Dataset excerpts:

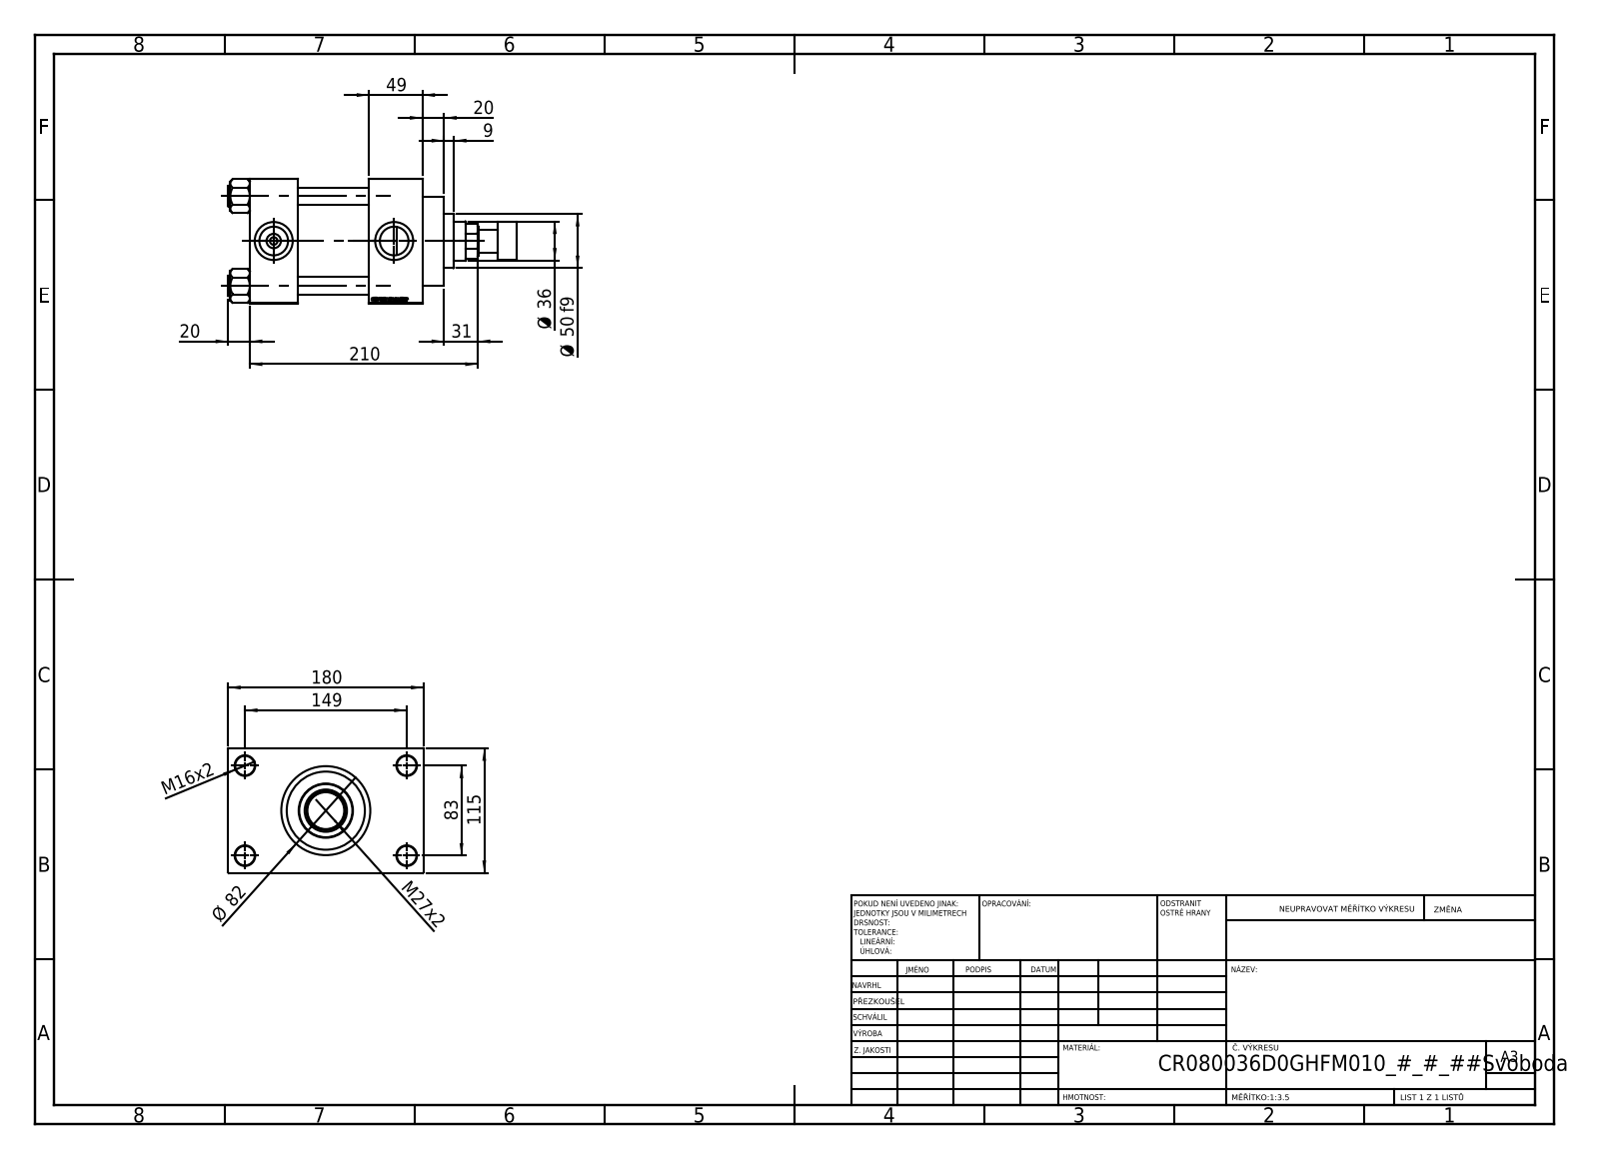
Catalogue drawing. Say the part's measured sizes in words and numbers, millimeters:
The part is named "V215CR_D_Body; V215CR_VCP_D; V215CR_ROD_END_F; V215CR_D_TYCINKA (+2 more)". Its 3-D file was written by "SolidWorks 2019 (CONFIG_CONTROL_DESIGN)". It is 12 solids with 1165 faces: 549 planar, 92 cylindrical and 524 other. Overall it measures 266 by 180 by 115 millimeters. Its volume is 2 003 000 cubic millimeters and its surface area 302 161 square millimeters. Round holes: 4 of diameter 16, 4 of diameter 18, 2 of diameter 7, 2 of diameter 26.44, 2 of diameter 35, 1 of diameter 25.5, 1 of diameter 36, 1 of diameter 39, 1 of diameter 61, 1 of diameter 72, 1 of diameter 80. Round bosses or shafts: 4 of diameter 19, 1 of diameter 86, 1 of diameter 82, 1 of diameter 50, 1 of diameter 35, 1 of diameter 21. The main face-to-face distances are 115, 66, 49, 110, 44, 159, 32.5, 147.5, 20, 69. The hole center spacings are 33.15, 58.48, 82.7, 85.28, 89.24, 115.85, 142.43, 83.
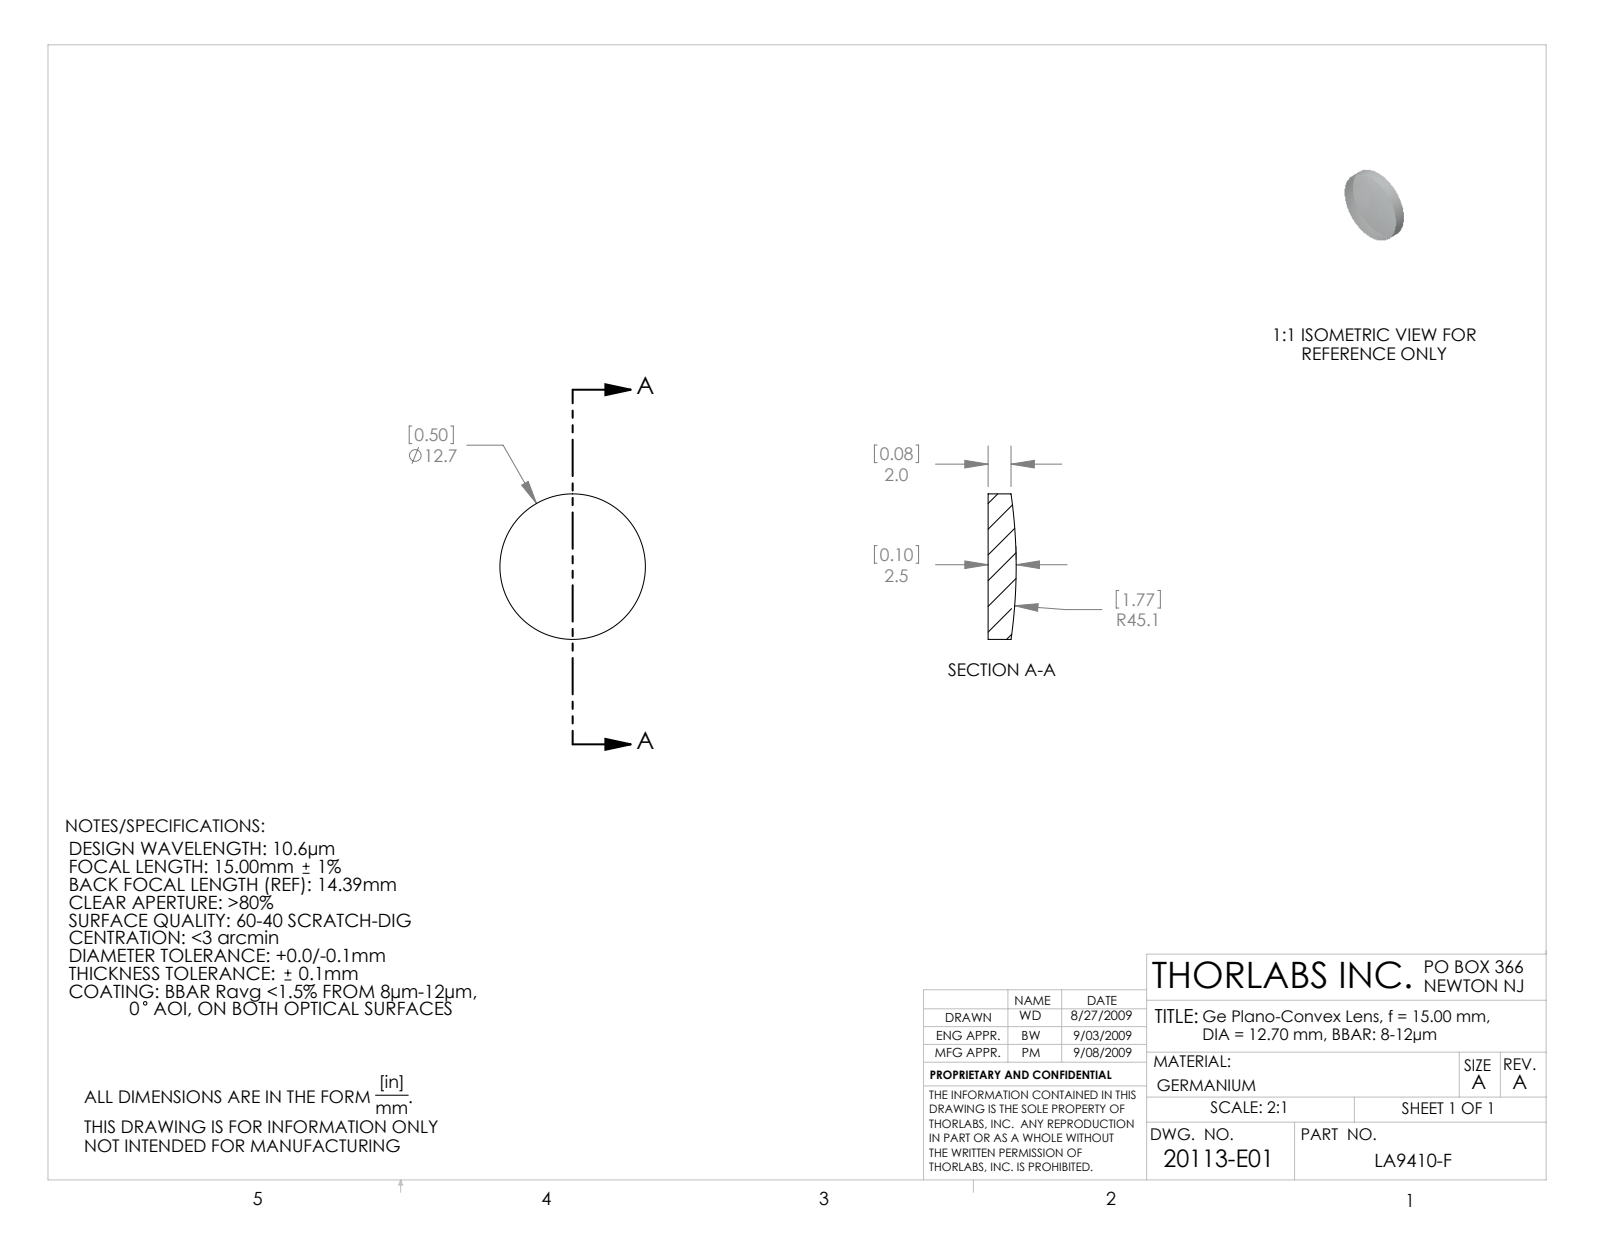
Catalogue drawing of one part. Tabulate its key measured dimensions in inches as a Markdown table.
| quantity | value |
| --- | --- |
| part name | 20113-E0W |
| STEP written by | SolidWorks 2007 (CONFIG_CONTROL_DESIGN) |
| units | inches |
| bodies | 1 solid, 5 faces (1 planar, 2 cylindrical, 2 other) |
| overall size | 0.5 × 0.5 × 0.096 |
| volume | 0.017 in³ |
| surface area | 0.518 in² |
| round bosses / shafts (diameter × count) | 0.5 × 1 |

=== TASK TO COMPLETE ===
Gather up, from the records above, each line where the word "measured" appears.

=== ANSWER SECTION ===
Catalogue drawing. Say the part's measured sizes in words and numbers, millimeters:
Catalogue drawing of one part. Tabulate its key measured dimensions in inches as a Markdown table.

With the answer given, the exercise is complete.